Service record (Kriegsmarine)
- Part of: 5th U-boat Flotilla; 20 May 1944 – 8 May 1945;
- Identification codes: M 25 172
- Commanders: Oblt.z.S. Günther Lüth; 20 May 1944 – 9 May 1945;
- Operations: 1 patrol:; 21 April – 1 May 1945;
- Victories: None

= German submarine U-1057 =

German World War II submarine

German submarine U-1057 was a Type VIIC U-boat of Nazi Germany's Kriegsmarine during World War II.

She was ordered on 5 June 1941, and was laid down on 21 June 1943 at Friedrich Krupp Germaniawerft AG, Kiel, as yard number 691. She was launched on 20 April 1944 and commissioned under the command of Oberleutnant zur See Günther Lüth on 20 May 1944.

==Design==
German Type VIIC submarines were preceded by the shorter Type VIIB submarines. U-1057 had a displacement of 769 t when at the surface and 871 t while submerged. She had a total length of 67.10 m, a pressure hull length of 50.50 m, a beam of 6.20 m, a height of 9.60 m, and a draught of 4.74 m. The submarine was powered by two Germaniawerft F46 four-stroke, six-cylinder supercharged diesel engines producing a total of 2800 to 3200 PS for use while surfaced, two AEG GU 460/8-276 double-acting electric motors producing a total of 750 PS for use while submerged. She had two shafts and two 1.23 m propellers. The boat was capable of operating at depths of up to 230 m.

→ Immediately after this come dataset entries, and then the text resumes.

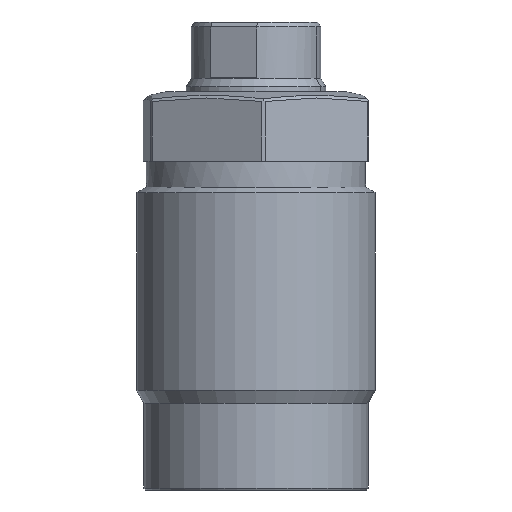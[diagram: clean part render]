
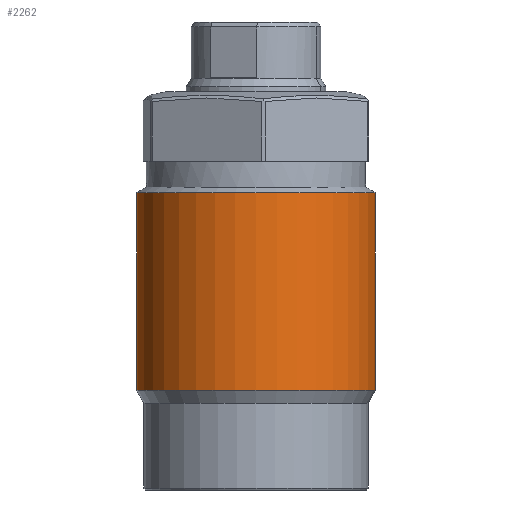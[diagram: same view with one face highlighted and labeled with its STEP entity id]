
A CAD part, front view. The second image highlights one B-rep face of the part: STEP entity #2262.
In plain terms, the highlighted cylindrical face has radius 12 mm (diameter 24 mm), a partial arc.
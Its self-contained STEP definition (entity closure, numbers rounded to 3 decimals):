
#63 = VECTOR ( 'NONE', #2351, 1000. ) ;
#67 = ORIENTED_EDGE ( 'NONE', *, *, #786, .T. ) ;
#192 = DIRECTION ( 'NONE',  ( -1., 0., 0. ) ) ;
#246 = DIRECTION ( 'NONE',  ( 0., 0., -1. ) ) ;
#472 = CIRCLE ( 'NONE', #1408, 12. ) ;
#479 = LINE ( 'NONE', #1432, #63 ) ;
#587 = ORIENTED_EDGE ( 'NONE', *, *, #2703, .F. ) ;
#626 = VERTEX_POINT ( 'NONE', #1805 ) ;
#721 = AXIS2_PLACEMENT_3D ( 'NONE', #944, #246, #192 ) ;
#786 = EDGE_CURVE ( 'NONE', #1662, #2905, #479, .T. ) ;
#865 = DIRECTION ( 'NONE',  ( 0., 0., 1. ) ) ;
#944 = CARTESIAN_POINT ( 'NONE',  ( 0., 0., 29.845 ) ) ;
#954 = CARTESIAN_POINT ( 'NONE',  ( 12., 0., 29.845 ) ) ;
#1071 = CARTESIAN_POINT ( 'NONE',  ( -12., 0., 29.845 ) ) ;
#1256 = ORIENTED_EDGE ( 'NONE', *, *, #1458, .T. ) ;
#1280 = LINE ( 'NONE', #2914, #2035 ) ;
#1289 = ORIENTED_EDGE ( 'NONE', *, *, #1654, .T. ) ;
#1321 = CARTESIAN_POINT ( 'NONE',  ( 0., 0., 10. ) ) ;
#1408 = AXIS2_PLACEMENT_3D ( 'NONE', #1321, #865, #2029 ) ;
#1432 = CARTESIAN_POINT ( 'NONE',  ( -12., 0., 33. ) ) ;
#1441 = DIRECTION ( 'NONE',  ( -1., 0., 0. ) ) ;
#1458 = EDGE_CURVE ( 'NONE', #1892, #1662, #2622, .T. ) ;
#1639 = FACE_OUTER_BOUND ( 'NONE', #2685, .T. ) ;
#1654 = EDGE_CURVE ( 'NONE', #2905, #626, #472, .T. ) ;
#1662 = VERTEX_POINT ( 'NONE', #1071 ) ;
#1668 = CARTESIAN_POINT ( 'NONE',  ( 0., 0., 33. ) ) ;
#1805 = CARTESIAN_POINT ( 'NONE',  ( 12., 0., 10. ) ) ;
#1818 = CARTESIAN_POINT ( 'NONE',  ( -12., 0., 10. ) ) ;
#1892 = VERTEX_POINT ( 'NONE', #954 ) ;
#2029 = DIRECTION ( 'NONE',  ( -1., 0., 0. ) ) ;
#2035 = VECTOR ( 'NONE', #2430, 1000. ) ;
#2101 = CYLINDRICAL_SURFACE ( 'NONE', #2817, 12. ) ;
#2262 = ADVANCED_FACE ( 'NONE', ( #1639 ), #2101, .T. ) ;
#2351 = DIRECTION ( 'NONE',  ( 0., 0., -1. ) ) ;
#2430 = DIRECTION ( 'NONE',  ( 0., 0., -1. ) ) ;
#2601 = DIRECTION ( 'NONE',  ( 0., 0., -1. ) ) ;
#2622 = CIRCLE ( 'NONE', #721, 12. ) ;
#2685 = EDGE_LOOP ( 'NONE', ( #587, #1256, #67, #1289 ) ) ;
#2703 = EDGE_CURVE ( 'NONE', #1892, #626, #1280, .T. ) ;
#2817 = AXIS2_PLACEMENT_3D ( 'NONE', #1668, #2601, #1441 ) ;
#2905 = VERTEX_POINT ( 'NONE', #1818 ) ;
#2914 = CARTESIAN_POINT ( 'NONE',  ( 12., 0., 33. ) ) ;

The submarine had a maximum surface speed of 17.7 kn and a maximum submerged speed of 7.6 kn. When submerged, the boat could operate for 80 nmi at 4 kn; when surfaced, she could travel 8500 nmi at 10 kn. U-1057 was fitted with five 53.3 cm torpedo tubes (four fitted at the bow and one at the stern), fourteen torpedoes or 26 TMA mines, one 8.8 cm SK C/35 naval gun, (220 rounds), one 3.7 cm Flak M42 and two twin 2 cm C/30 anti-aircraft guns. The boat had a complement of between 44 — 52 men.

==Service history==
On 9 May 1945, U-1057 surrendered at Bergen, Norway. She was later transferred to Loch Ryan, Scotland on 2 June 1945.

The Tripartite Naval Commission allocated U-1057 to the Soviet Union. On 4 December 1945, she arrived in Libau, Latvia, as British N-class N22. On 13 February 1946, the Soviet Navy allocated her to the Baltic Fleet. She was renamed S-81 on 9 June 1949 then sent to the reserve fleet on 30 December 1955. S-81 went to the Northern Fleet as a test hulk and was later sunk in the Barents Sea on 24 September 1957, during an atomic bomb test off of Novaya Zemlya. She was struck from the Soviet Navy on 16 October 1957 and broken up for scrap.